The second page is really good stuff. Particularly the part about Supreme Court intervention and the need for a specialized patent appeals court. I think the Supreme Court patent jurisprudence over the last several years has been extremely good, and I think the need for a specialized patent appeals court is questionable at best. People tend to think we need specialized patent judges who can understand the technology, but I think this is misguided. Judges are experts at quickly learning the 10% of any field they need to make a decision. Technology isn't any more complicated and in need of specialized judges than say a dispute involving complex insurance or securities instrument.

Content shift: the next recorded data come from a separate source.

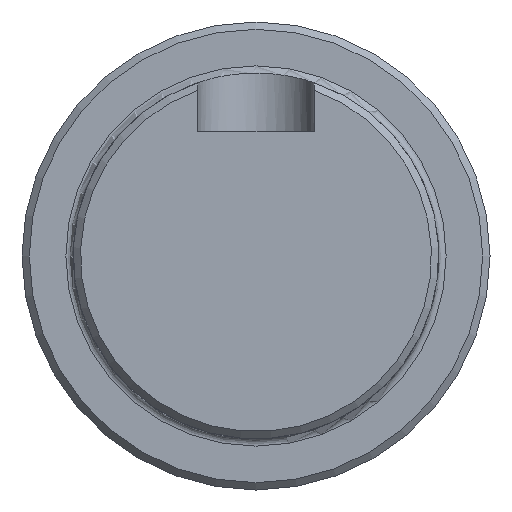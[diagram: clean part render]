
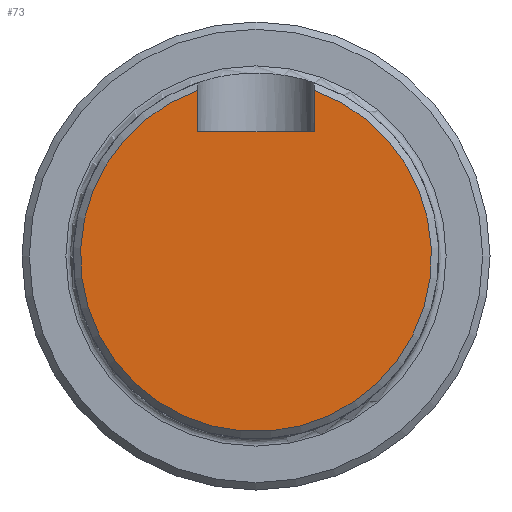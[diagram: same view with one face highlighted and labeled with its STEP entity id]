
A CAD part, front view. The second image highlights one B-rep face of the part: STEP entity #73.
In plain terms, the highlighted planar face has unit normal (0, -1, 0).
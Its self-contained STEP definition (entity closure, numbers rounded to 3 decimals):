
#47=PLANE('',#358);
#57=FACE_OUTER_BOUND('',#163,.T.);
#73=ADVANCED_FACE('',(#57),#47,.T.);
#105=LINE('',#553,#123);
#106=LINE('',#555,#124);
#107=LINE('',#559,#125);
#123=VECTOR('',#425,1.);
#124=VECTOR('',#428,1.);
#125=VECTOR('',#431,1.);
#163=EDGE_LOOP('',(#219,#220,#221,#222));
#219=ORIENTED_EDGE('',*,*,#308,.T.);
#220=ORIENTED_EDGE('',*,*,#309,.T.);
#221=ORIENTED_EDGE('',*,*,#310,.F.);
#222=ORIENTED_EDGE('',*,*,#307,.T.);
#272=VERTEX_POINT('',#548);
#274=VERTEX_POINT('',#552);
#275=VERTEX_POINT('',#556);
#276=VERTEX_POINT('',#558);
#307=EDGE_CURVE('',#272,#274,#105,.T.);
#308=EDGE_CURVE('',#274,#275,#106,.T.);
#309=EDGE_CURVE('',#275,#276,#331,.T.);
#310=EDGE_CURVE('',#272,#276,#107,.T.);
#331=CIRCLE('',#357,12.);
#357=AXIS2_PLACEMENT_3D('',#557,#429,#430);
#358=AXIS2_PLACEMENT_3D('',#560,#432,#433);
#425=DIRECTION('',(-1.,0.,0.));
#428=DIRECTION('',(0.,0.,1.));
#429=DIRECTION('',(0.,-1.,0.));
#430=DIRECTION('',(0.,0.,-1.));
#431=DIRECTION('',(0.,0.,1.));
#432=DIRECTION('',(0.,-1.,0.));
#433=DIRECTION('',(0.,0.,-1.));
#548=CARTESIAN_POINT('',(4.,-163.,8.5));
#552=CARTESIAN_POINT('',(-4.,-163.,8.5));
#553=CARTESIAN_POINT('',(0.,-163.,8.5));
#555=CARTESIAN_POINT('',(-4.,-163.,8.5));
#556=CARTESIAN_POINT('',(-4.,-163.,11.314));
#557=CARTESIAN_POINT('',(0.,-163.,0.));
#558=CARTESIAN_POINT('',(4.,-163.,11.314));
#559=CARTESIAN_POINT('',(4.,-163.,8.5));
#560=CARTESIAN_POINT('',(0.,-163.,0.));

At the same time, generalist judges would be much better at weighing the larger issues of fairness involved in a case. There is a real lack of balance in the Federal Circuit and I think that's partly because Federal Circuit judges don't field other kinds of cases.


The article talks about the idea of the Federal Circuit "overruling" the Supreme Court by gradually chipping away at the principles behind SC precedent.

Interestingly, similar charges have been made of the DC Circuit with regard to the Supreme Court's national security jurisprudence, especially Boumediene v. Bush.[1] (The US Court of Appeals for the DC Circuit has essentially become the US terrorism court — because among other things — they are the only court allowed to hear Guantanamo detainee appeals. But DC Circuit judges do hear normal cases as well.)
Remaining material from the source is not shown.